Safeguarding Assets, Enforcing Rights: Combating Fraudulent Transfers Under Kenyan Law

A Guide for Creditors, Shareholders, and Investors—Locally and Across Borders 

Executive Summary 

Fraudulent transfers and asset manipulation are some of the most pervasive strategies used by debtors and rogue directors to defeat legitimate claims by creditors and shareholders. Whether it is land secretly transferred to insiders, shares fraudulently allotted, or company assets sold for a pittance, such misconduct erodes commercial integrity and investor confidence. 

Fortunately, Kenyan law offers robust protections under the Insolvency Act, Land Registration Act, and Companies Act, with remedies that can unwind such transactions, restore ownership, penalize wrongdoers and offer the affected parties, including creditors, reprieve. Backed by deep statutory knowledge, real-time litigation support, and regional reach, CM Advocates LLP is equipped to act fast and strategically to preserve your interests. 

  1. Understanding Fraudulent Transfers Under Kenyan Law 

Fraudulent transfers in this article refer to the deliberate movement of assets to defeat creditor claims or shareholder rights, as the case may be. They typically involve: 

  • Undervalued or sham transactions; 
  • Transfers to insiders or shell entities; 
  • Forged share transfers or registry manipulation; and 
  • Asset dissipation during insolvency proceedings 

Fraudulent transfers, whether deliberate or disguised, typically occur in two forms. The first is actual fraud, where there is a demonstrable intention to hinder, delay, or defraud creditors. The second is constructive fraud, which arises where the debtor, already insolvent or rendered insolvent by the transaction, transfers assets without receiving fair value in return.  

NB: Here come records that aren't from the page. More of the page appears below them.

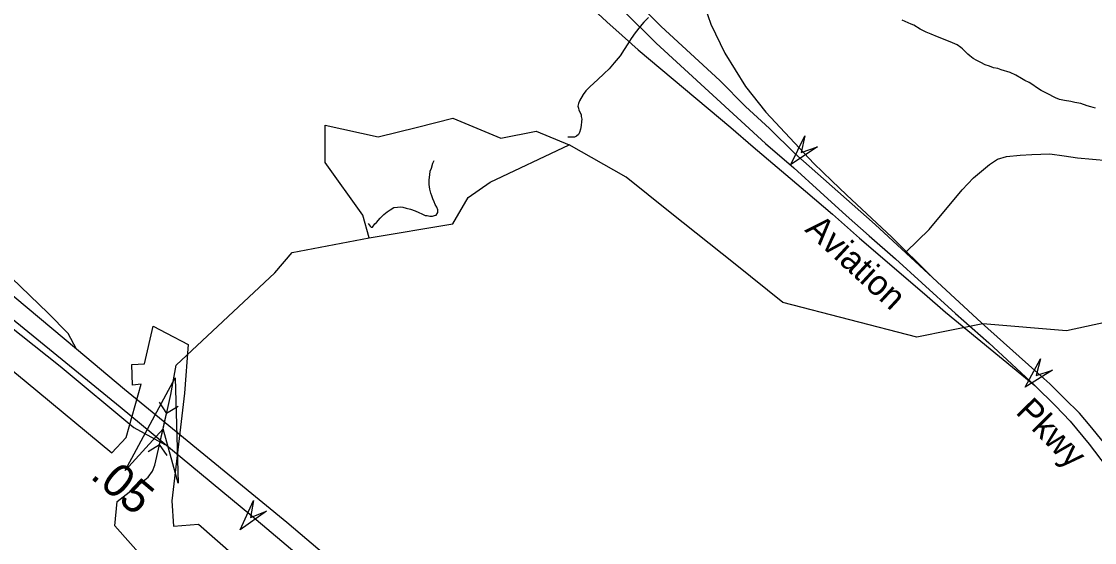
# Model space of a CAD drawing. Extents: x 2001466 to 2224147, y 644118 to 847247.
# Drawn here: x 2055930 to 2059996, y 766736 to 768713 of the extents above; entities that cross this region are included whole.
import ezdxf

# ---------------------------------------------------------------- set-up
doc = ezdxf.new("R2010")
doc.units = 0
for name, color, linetype in [('Exist Boundary Political City Limit New', 7, 'Continuous'), ('Exist Hydrographic Misc Water Feature', 7, 'Continuous'), ('Exist Road Non-System Type 51', 7, 'Continuous'), ('Exist Road Primary Interstate Divided Center Attributed', 7, 'Continuous'), ('Exist Road Primary Interstate Mileage Hundredths English Label', 7, 'Continuous'), ('Exist Road Primary Interstate Ramp 1 Lane Attributed', 7, 'Continuous'), ('Exist Road Primary Interstate Structure Cantilever Sign Attributed CELL', 7, 'Continuous'), ('Exist Road Primary Interstate Structure Ovrhead Sign Attributed CELL', 7, 'Continuous'), ('Exist Road Secondary Structure Culvert Attributed CELL', 7, 'Continuous'), ('Exist Road Secondary Structure Culvert CELL', 7, 'Continuous'), ('Exist Road Secondary Type 51 Divided Attributed', 7, 'Continuous'), ('Exist Road Secondary Type 51 Label', 7, 'Continuous'), ('Map Preparation Boundary City Limit Buffer Line', 7, 'Continuous')]:
    doc.layers.add(name, color=color, linetype=linetype)

msp = doc.modelspace()

# ---------------------------------------------------------------- linework, layer by layer
at = {"layer": 'Exist Boundary Political City Limit New'}
msp.add_lwpolyline([(2055636.8, 767600.8), (2055947.6, 767346.1), (2056272.4, 767076.1), (2056326.6, 767135.2), (2056383.6, 767336.4), (2056350.6, 767333.4), (2056347.6, 767411.4), (2056395.6, 767414.4), (2056429.4, 767556.8), (2056479.1, 767530.3), (2056561, 767486.9), (2056548, 767302.9), (2056499.6, 766894.1), (2056506.2, 766798.7), (2056600.9, 766805.4), (2056930.2, 766516.9)], dxfattribs=at)
at = {"layer": 'Exist Hydrographic Misc Water Feature'}
msp.add_line((2058634.5, 767791.5), (2058388.3, 767988.6), dxfattribs=at)
for points in [[(2058306, 768727.9), (2058288.2, 768709.9), (2058274.1, 768693.8), (2058256, 768669.7), (2058240.4, 768647.8)], [(2060000.4, 768383.3), (2059982.3, 768388.9), (2059968.6, 768393), (2059944.4, 768401.1), (2059922.1, 768404.9), (2059906.1, 768408.9), (2059882.3, 768413), (2059864.2, 768416.9), (2059848, 768422.6), (2059816.5, 768438.8), (2059794.1, 768450.7), (2059776.1, 768462.7), (2059762.5, 768472.5), (2059748.2, 768480.8), (2059732, 768488.5), (2059720.1, 768496.4), (2059698.3, 768508.6), (2059676.2, 768518.4), (2059642.2, 768528.5), (2059630.1, 768534.4), (2059614.1, 768536.4), (2059598.3, 768542.4), (2059582.1, 768548.1), (2059566.1, 768556.3), (2059549.9, 768564.4), (2059535.9, 768572.2), (2059524.1, 768582.1), (2059516.1, 768588.2), (2059508.1, 768596.3), (2059496.2, 768608.3), (2059489.8, 768614.1), (2059476.3, 768624.3), (2059458, 768631.9), (2059418.2, 768648), (2059401.6, 768653.8), (2059377.9, 768663.9), (2059358, 768671.8), (2059335.6, 768683.7), (2059311.6, 768697.9), (2059301.8, 768701.8), (2059267.7, 768717.5)], [(2058240.4, 768647.8), (2058228.1, 768627.7), (2058214.4, 768605.9), (2058198.4, 768581.6), (2058176.2, 768555.7), (2058156.4, 768533.5), (2058138.5, 768515.6), (2058112.5, 768491.5), (2058100.6, 768479.5), (2058082.7, 768463.6), (2058068.4, 768449.5), (2058058.5, 768435.6), (2058044.6, 768411.4), (2058040.9, 768401.4), (2058038.9, 768391.5), (2058040.9, 768383.5), (2058042.6, 768375.6), (2058050.6, 768359.7), (2058050.8, 768351.6), (2058053, 768341.5), (2058052.8, 768333.4), (2058050.8, 768317.5), (2058048.7, 768303.6), (2058044.6, 768291.7), (2058040.7, 768283.7), (2058032.9, 768277.6), (2058025.1, 768273.5), (2058016.9, 768273.6), (2058000.9, 768273.6)], [(2057431.1, 768311.9), (2057564, 768345.3), (2057747.1, 768269.4), (2057879.9, 768296.2), (2058005, 768244.3)], [(2057248, 767892.4), (2057223, 767978.2), (2057081.1, 768178), (2057081.1, 768319.1), (2057281, 768275.6), (2057431.1, 768311.9)], [(2057248, 767892.4), (2057565, 767945), (2057623, 768045.4), (2057706.1, 768102.9), (2058005, 768244.3)], [(2058388.3, 767988.6), (2058222, 768121.8), (2058005, 768244.3)], [(2057243.3, 767946.2), (2057251.9, 767936), (2057255.6, 767932.3), (2057259.7, 767932), (2057269.3, 767944.4), (2057275.5, 767950.3), (2057289.6, 767966), (2057303.3, 767980.1), (2057315.2, 767990.1), (2057327.7, 767998.4), (2057341.3, 768006.4), (2057355.2, 768008.4), (2057365.3, 768010.1), (2057375.3, 768008.2), (2057387.4, 768004.3), (2057403.6, 768000.2), (2057421.5, 767994.3), (2057435.6, 767988.5), (2057447.5, 767982.6), (2057459.6, 767976.3), (2057467.8, 767976.7), (2057477.6, 767974.4), (2057487.3, 767974.5), (2057495.3, 767976.6), (2057501.6, 767978.5), (2057507.6, 767988.5), (2057507.6, 767998.7), (2057503.7, 768008.6), (2057497.1, 768018.5), (2057493.4, 768028.4), (2057489.3, 768040.4), (2057485.6, 768050.7), (2057481.3, 768060.7), (2057477.2, 768076.7), (2057475, 768094.5), (2057475, 768112.3), (2057477.2, 768130.3), (2057479.1, 768144.6), (2057483.2, 768156.5), (2057489.3, 768174.7), (2057493.4, 768184.6)], [(2056378.8, 766958.4), (2056410, 766983.6), (2056426.4, 767006.3), (2056435.5, 767029.5), (2056466.6, 767167), (2056496, 767297.3), (2056515.9, 767408.7), (2056890, 767758.6), (2056956, 767836), (2057248, 767892.4)], [(2060514, 767674.6), (2059890.1, 767539.7), (2059573.1, 767565.9), (2059322.9, 767515.2), (2058815, 767647), (2058634.5, 767791.5)], [(2057051.9, 765701.4), (2057135, 765758.8), (2057235.1, 765943.7), (2057235.1, 766042.1), (2057134, 766218.1), (2056884, 766443.1), (2056634, 766510.5), (2056392.1, 766676.3), (2056284, 766799.9), (2056292, 766891.6), (2056378.8, 766958.4)]]:
    msp.add_lwpolyline(points, dxfattribs=at)
at = {"layer": 'Exist Road Non-System Type 51'}
for points in [[(2058496.5, 768834.9), (2058542, 768702), (2058595.1, 768592.5), (2058674.2, 768466.1), (2058751.2, 768368.5), (2058932.3, 768174.1), (2059001.3, 768107.7), (2059055.9, 768055.3), (2059227.7, 767894.8), (2059376.8, 767746.7)], [(2059282.9, 767838.2), (2059369.4, 767923.1), (2059494.5, 768074.5), (2059537.4, 768119.6), (2059598.5, 768170.4), (2059628.9, 768189.8), (2059662.6, 768200.6), (2059714.8, 768205.8), (2059759.1, 768208.4), (2059826.9, 768211), (2059881.7, 768203.2), (2059931.3, 768195.4), (2060045.6, 768184.9), (2060127.1, 768188), (2060322.1, 768251), (2060437.4, 768295.6), (2060518.8, 768343.3), (2060626.8, 768498.2)]]:
    msp.add_lwpolyline(points, dxfattribs=at)
at = {"layer": 'Exist Road Primary Interstate Divided Center Attributed'}
for points in [[(2056138.2, 767469.7), (2055857.5, 767704.4), (2055510.6, 767996.8), (2055190.2, 768266.6), (2055068.1, 768370.7), (2054928.7, 768486.8)], [(2055892.4, 767587.2), (2056303.9, 767250.4), (2056803.1, 766837.8), (2057047.1, 766631.3), (2057510.4, 766247), (2057807.6, 765989), (2058218.9, 765633.5)], [(2058612.6, 765412.1), (2058173.5, 765763.5), (2057848.1, 766040.5), (2057629.3, 766228.6), (2057271.4, 766526.5), (2056934.9, 766812.1), (2056320.2, 767316.5), (2056138.2, 767469.7)]]:
    msp.add_lwpolyline(points, dxfattribs=at)
at = {"layer": 'Exist Road Primary Interstate Ramp 1 Lane Attributed'}
for points in [[(2058080.5, 768774), (2058148.5, 768710.6), (2058206.7, 768659.8), (2058267.5, 768604.8), (2058618.6, 768310.7), (2058702.1, 768237.5), (2058900.5, 768069.3), (2059003.4, 767981.3), (2059106.3, 767890.2), (2059352.2, 767678.9), (2059431.2, 767610.3), (2059769.8, 767331.6)], [(2056138.2, 767469.7), (2056106.9, 767528.5), (2056031, 767606.2), (2055648.2, 767973.7), (2055585.3, 768034.3), (2055535.5, 768086.5), (2055474.2, 768160.7), (2055365.4, 768326.9), (2055317.8, 768420.8), (2055242.2, 768593.1), (2055223.7, 768651.3)], [(2054751.1, 767965.9), (2054868.3, 767943.1), (2055070.1, 767939.2), (2055257.7, 767914.8), (2055368.1, 767882.3), (2055527.2, 767805.9), (2055683, 767708.5), (2055719.6, 767691.6), (2055829.3, 767601.5), (2056076.9, 767405.4), (2056355.1, 767173.1), (2056472.8, 767107.5)]]:
    msp.add_lwpolyline(points, dxfattribs=at)
at = {"layer": 'Exist Road Primary Interstate Structure Cantilever Sign Attributed CELL'}
msp.add_lwpolyline([(2056858, 766854.9), (2056758.3, 766784.7), (2056809.6, 766895.3), (2056797.4, 766831.5)], close=True, dxfattribs=at)
at = {"layer": 'Exist Road Primary Interstate Structure Ovrhead Sign Attributed CELL'}
for points in [[(2058946.3, 768237.3), (2058844.9, 768169.6), (2058898.8, 768278.9), (2058885.1, 768215.4)], [(2059837.5, 767390), (2059733.8, 767325.9), (2059791.6, 767433.3), (2059775.6, 767370.3)]]:
    msp.add_lwpolyline(points, close=True, dxfattribs=at)
at = {"layer": 'Exist Road Secondary Structure Culvert Attributed CELL'}
msp.add_lwpolyline([(2056322.7, 767009.7), (2056512.9, 767361.5), (2056524.2, 766961.7), (2056466.6, 767167)], close=True, dxfattribs=at)
at = {"layer": 'Exist Road Secondary Structure Culvert CELL'}
for p, q in [((2056451.7, 767268.1), (2056479.9, 767226)), ((2056523.6, 767251.9), (2056479.9, 767226)), ((2056453.3, 767108), (2056479.9, 767226)), ((2056409.6, 767082.1), (2056453.3, 767108)), ((2056481.5, 767065.8), (2056453.3, 767108))]:
    msp.add_line(p, q, dxfattribs=at)
at = {"layer": 'Exist Road Secondary Type 51 Divided Attributed'}
for points in [[(2057847.6, 769729.8), (2057872.2, 769576.7), (2057931.1, 769268.4), (2057979.9, 769112.6), (2058022.7, 769022.6), (2058084.5, 768907.9), (2058150.1, 768821.1), (2058210.6, 768753.8), (2058335.6, 768630.5), (2058749.9, 768249.7), (2058857.1, 768156.9), (2058957, 768066.1), (2059055.5, 767976.8), (2059141.8, 767899.6), (2059241.8, 767811.8), (2059341.7, 767721), (2059469.6, 767605.5), (2059595.8, 767493.8), (2059769.8, 767331.6)], [(2060030.2, 767117.4), (2059979.7, 767179), (2059939.6, 767226.3), (2059883, 767282.9), (2059826.4, 767338.1), (2059769.7, 767389), (2059567.9, 767569.6), (2059165.4, 767942.6), (2058860.1, 768211.3), (2058764.1, 768306.2), (2058674.2, 768390), (2058576.4, 768488.8), (2058354.4, 768694.1), (2058248, 768799.4)], [(2059769.8, 767331.6), (2059848.7, 767254.5), (2059903.9, 767196), (2059975.5, 767109.2), (2060040.1, 767025.1), (2060103.3, 766925.8), (2060173.9, 766794.6), (2060207.4, 766712.1), (2060253.7, 766589.4), (2060276, 766518.4), (2060288.5, 766465.3), (2060303.5, 766378.5), (2060316.2, 766284.4), (2060327.5, 766146.2), (2060345.4, 766068.4), (2060353.5, 766039.6)]]:
    msp.add_lwpolyline(points, dxfattribs=at)
at = {"layer": 'Map Preparation Boundary City Limit Buffer Line'}
msp.add_lwpolyline([(2055636.8, 767600.8), (2055947.6, 767346.1), (2056272.4, 767076.1), (2056326.6, 767135.2), (2056383.6, 767336.4), (2056350.6, 767333.4), (2056347.6, 767411.4), (2056395.6, 767414.4), (2056429.4, 767556.8), (2056479.1, 767530.3), (2056561, 767486.9), (2056548, 767302.9), (2056499.6, 766894.1), (2056506.2, 766798.7), (2056600.9, 766805.4), (2056930.2, 766516.9)], dxfattribs=at)

# ---------------------------------------------------------------- texts
at = {"layer": 'Exist Road Primary Interstate Mileage Hundredths English Label'}
msp.add_text('.05', height=125, rotation=319.9718, dxfattribs=at).set_placement((2056186.2, 766983.4))
at = {"layer": 'Exist Road Secondary Type 51 Label'}
for s, rotation, p in [('Aviation', 317.22, (2058895, 767919.2)), ('Pkwy', 314.5538, (2059694, 767228.1))]:
    msp.add_text(s, height=95, rotation=rotation, dxfattribs=at).set_placement(p)

doc.saveas('drawing.dxf')

  1. Legal Recourse Under the Insolvency Act, 2015 

The Insolvency Act, 2015, provides mechanisms to address fraudulent transfers and preferences made by companies facing insolvency. Sections 682 to 685 of the Insolvency Act empower the courts to make a wide range of orders to unwind transactions at an undervalue or preferences given within specific “relevant times”, including;  

  • Setting aside undervalued or preferential transfers; 
  • Ordering restitution or compensation from recipients; 
  • Reversing transactions with related parties; 
  • Protecting innocent third parties who acted in good faith, unless they were connected with the company or had notice of the insolvency proceedings 

This ensures that some creditors having equal rights are not treated preferentially to others and that transactions designed to defeat legitimate claims can be reversed, even where third-party involvement exists. 

Transactions at an Undervalue  

Section 682 of the Insolvency Act grants the court the power to set aside transactions entered into by a company during the relevant time as defined under Section 684 for no or inadequate consideration and restore parties to the position they would have been in had the transaction not occurred. 

Preferences  

Preferential treatment occurs where a company favors one creditor over others, effectively placing them in a better position than other creditors than they would have been in if the company were to be placed under liquidation. 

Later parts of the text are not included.